Consider the following requisites:
- we want routes to be withdrawed immediately in case of a communication failure (link down on the path)
- we want routes to be kept when control plane is disrupted
Both requirements seem to contradict but we can reconcile them by keeping withdrawed routes only as last resort routes. This is exactly what BGP Long-Lived Graceful Restart is doing.
It provides two mechanisms:
-
an extension to graceful restart to mark and handle long-lived stale routes (configurable timer) with a lower priority to normal routes,
-
a community to use to send those routes to other BGP routers understanding the extension.
We use only the first mechanism in this lab. Also, graceful restart is not enabled explicitely. This means the long-lived stale route timer starts immediately.
This has been tested with:
- vRR 16.1R2.11 (no problem)
- vRR 17.3R1.10 (ECMP routes broken but otherwise work)
The lab has 3 nodes:
- a Juniper vRR split into two logical systems,
- a Linux node running GoBGP with LLGR enabled (it needs a patch for interop)
- a Linux node acting as a switch and able to simulate some kind of control plane failure by dropping BFD and BGP packets.
LLGR is completely configured by the llgr
group. Therefore, it's
easy to test what happens without and without.
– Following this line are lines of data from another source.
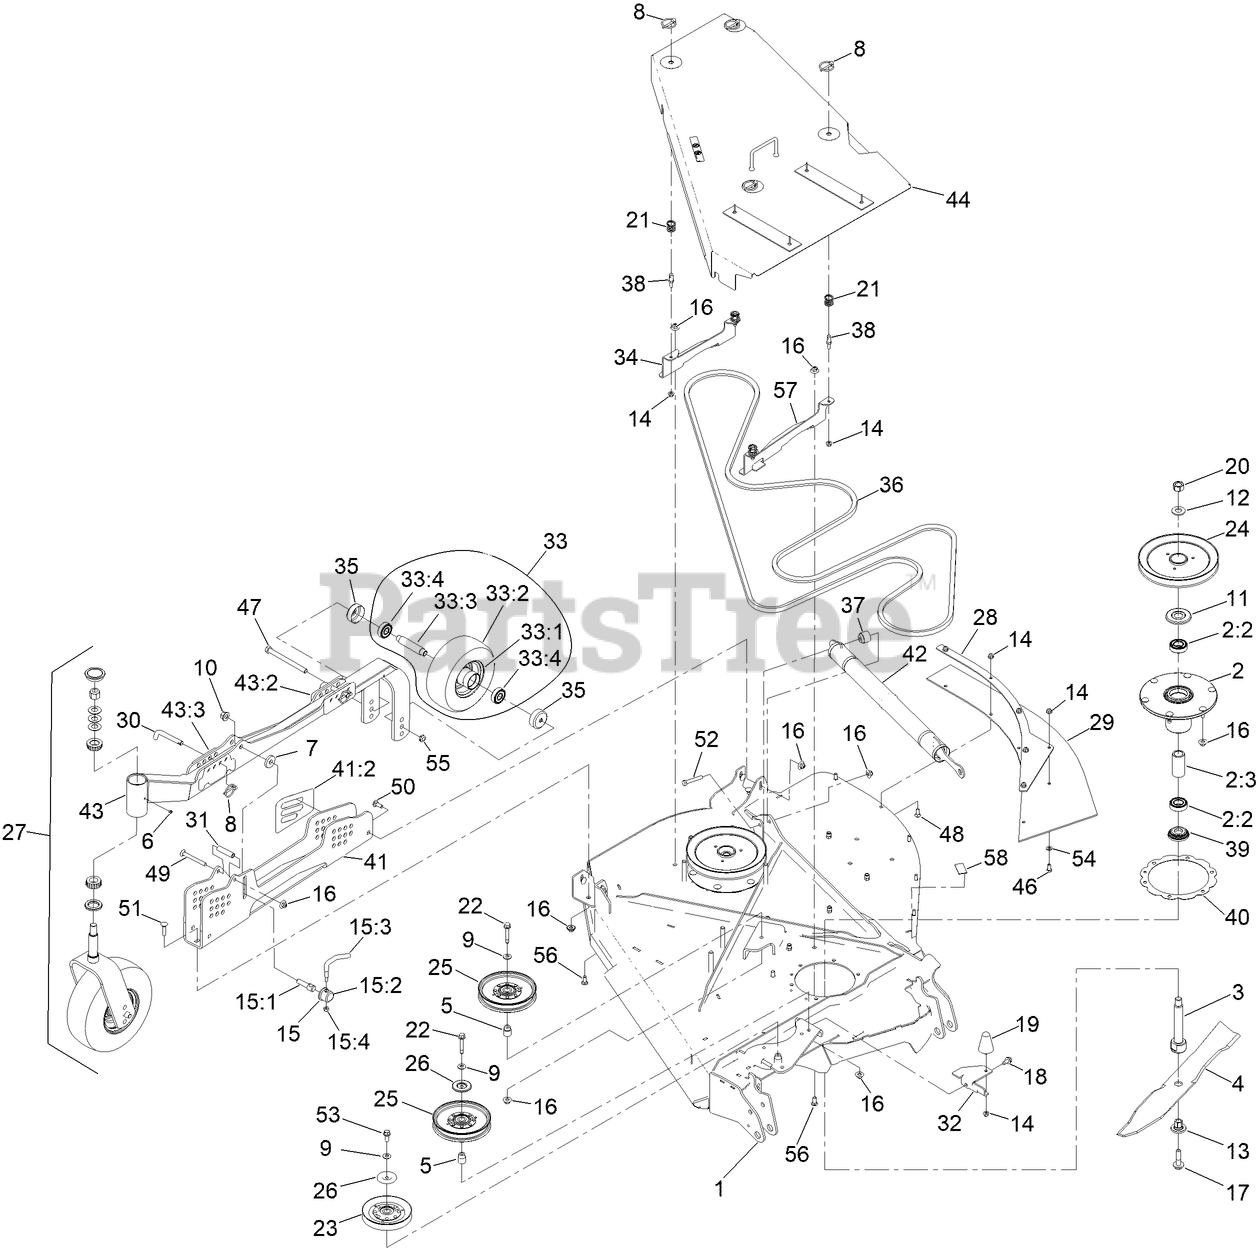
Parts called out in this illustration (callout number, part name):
1	ASM-RH WING DECK 144
2	SPINDLE ASM
2:2	BEARING-BALL
2:3	SPACER-BEARING
3	SHAFT-SPINDLE
4	BLADE-24.50 MULCH
5	BUSHING-IDLER
7	WASHER
8	PIN-LYNCH
9	WASHER-BELLEVILLE
10	NUT-LOCK
11	GUARD-BEARING, TOP
12	WASHER
13	BUSHING-HEX
14	NUT-HF, NI
15	LEVER ASM
15:1	SCREW-LOCK
15:2	CAP-LOCK
15:4	NUT-LOCK, NI
16	NUT-FLANGE, NI
17	SCREW-SEMS
18	SCREW-HWH
19	BUMPER-RUBBER
20	NUT-HEX
21	SPRING
22	SCREW-HHF W/ PATCH
23	IDLER-V
24	SHEAVE-DRIVE, BLADE
25	IDLER-PULLEY
26	SHIELD-DUST
27	CASTER WHEEL ASM
28	SUPPORT-RH REAR GUARD
29	GUARD-RH REAR WING
30	PIN-HOC
31	SPACER
32	BRACKET-COVER RETAINER
33	WHEEL AND TIRE ASM
33:1	WHEEL
33:3	AXLE-CASTER
33:4	BEARING
34	BRACKET-SHIELD MOUNT, OUTER
35	GUARD, SEAL
36	BELT,V-5V-198.75
37	BUSHING-LIFT SPRING
38	PIN, SPRING
39	GUARD-BOTTOM
40	RING-SPACER, HOUSING
41	ASM-CHANNEL, HOC RH W/DECALS
41:2	DECAL-HEIGHT OF CUT, RH
42	ASM-WEIGHT-TRANSFER-SPRING
43	ASM-RH GAUGE WHEEL ARM
43:2	PLATE-GUIDE, REAR
43:3	PLATE-GUIDE, FRONT
44	ASM-BELT SHIELD RH
46	SCREW-HH
47	SCREW-HH
48	SCREW-CARR
49	SCREW-CARR
50	BOLT-CARR
51	SCREW-CARR
52	SCREW-HH
53	SCREW-HHF
54	WASHER-PLAIN
55	NUT-HEX
56	BOLT-CARR
57	BRACKET-SHIELD MOUNT, RIGHT LONG
58	PAD-RUBBER

We focus on R1
(use
set cli logical-system R1
).
When everything is correct, three BGP sessions are established:
juniper@R:R1> show bgp summary
Groups: 3 Peers: 3 Down peers: 0
Table Tot Paths Act Paths Suppressed History Damp State Pending
inet6.0
3 3 0 0 0 0
Peer AS InPkt OutPkt OutQ Flaps Last Up/Dwn State|#Active/Received/Accepted/Damped...
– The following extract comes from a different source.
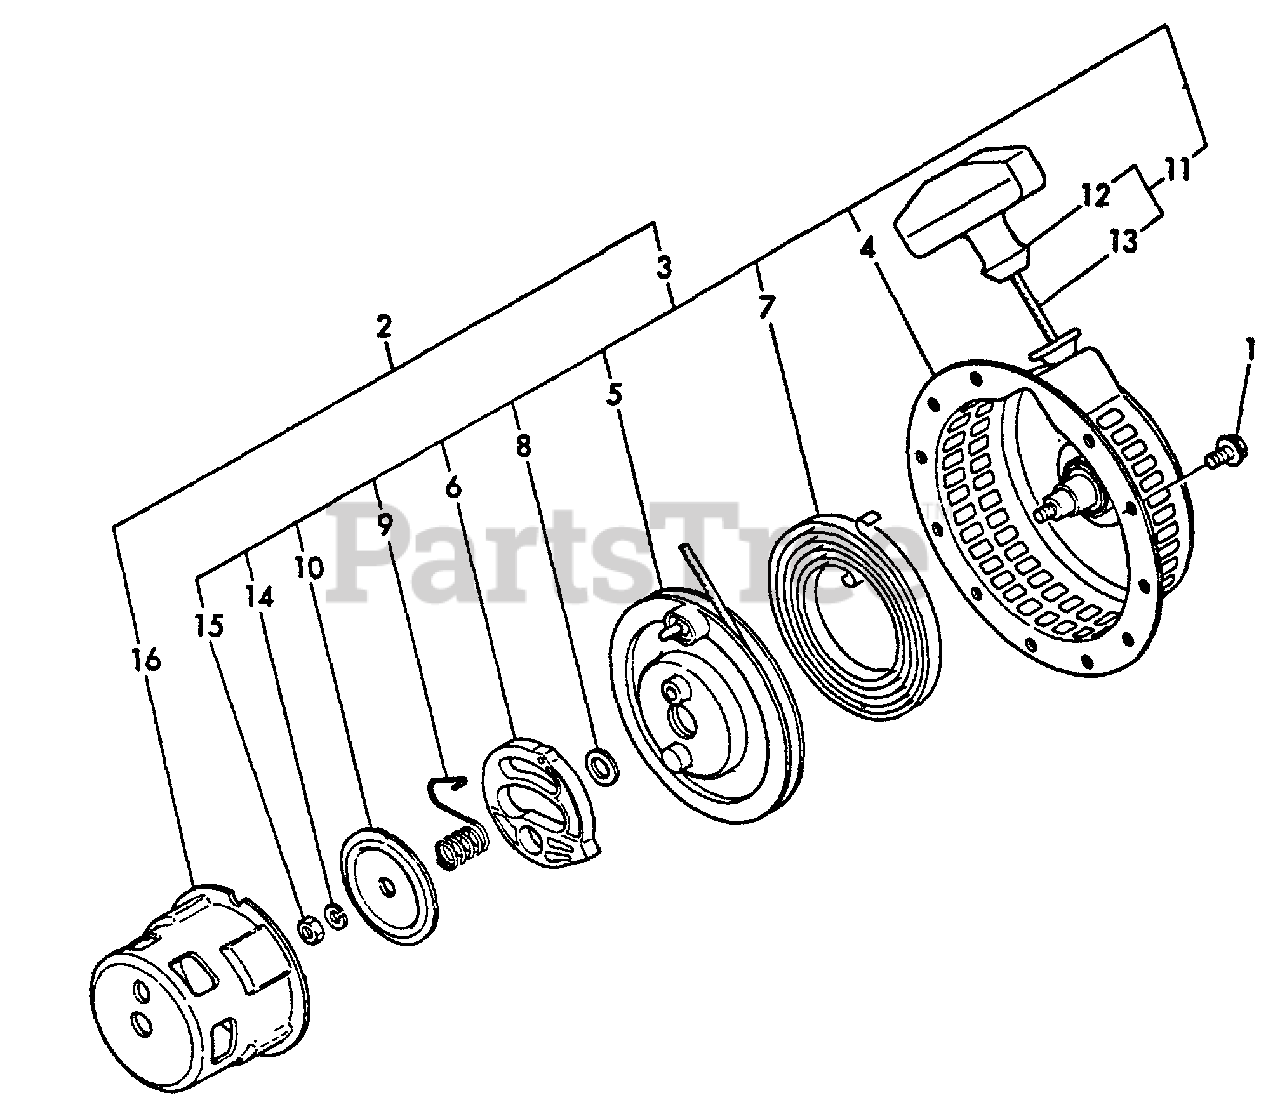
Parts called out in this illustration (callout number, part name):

2001:db8:1::2 65000 3 2 0 0 19 Establ
inet6.0: 1/1/1/0
2001:db8:2::2 65000 4 0 0 1 19 Establ
inet6.0: 1/1/1/0
2001:db8:3::2 65000 4 0 0 1 13 Establ
inet6.0: 1/1/1/0
The same route is learnt over all peers:
juniper@R:R1> show route protocol bgp
inet6.0: 12 destinations, 14 routes (12 active, 0 holddown, 0 hidden)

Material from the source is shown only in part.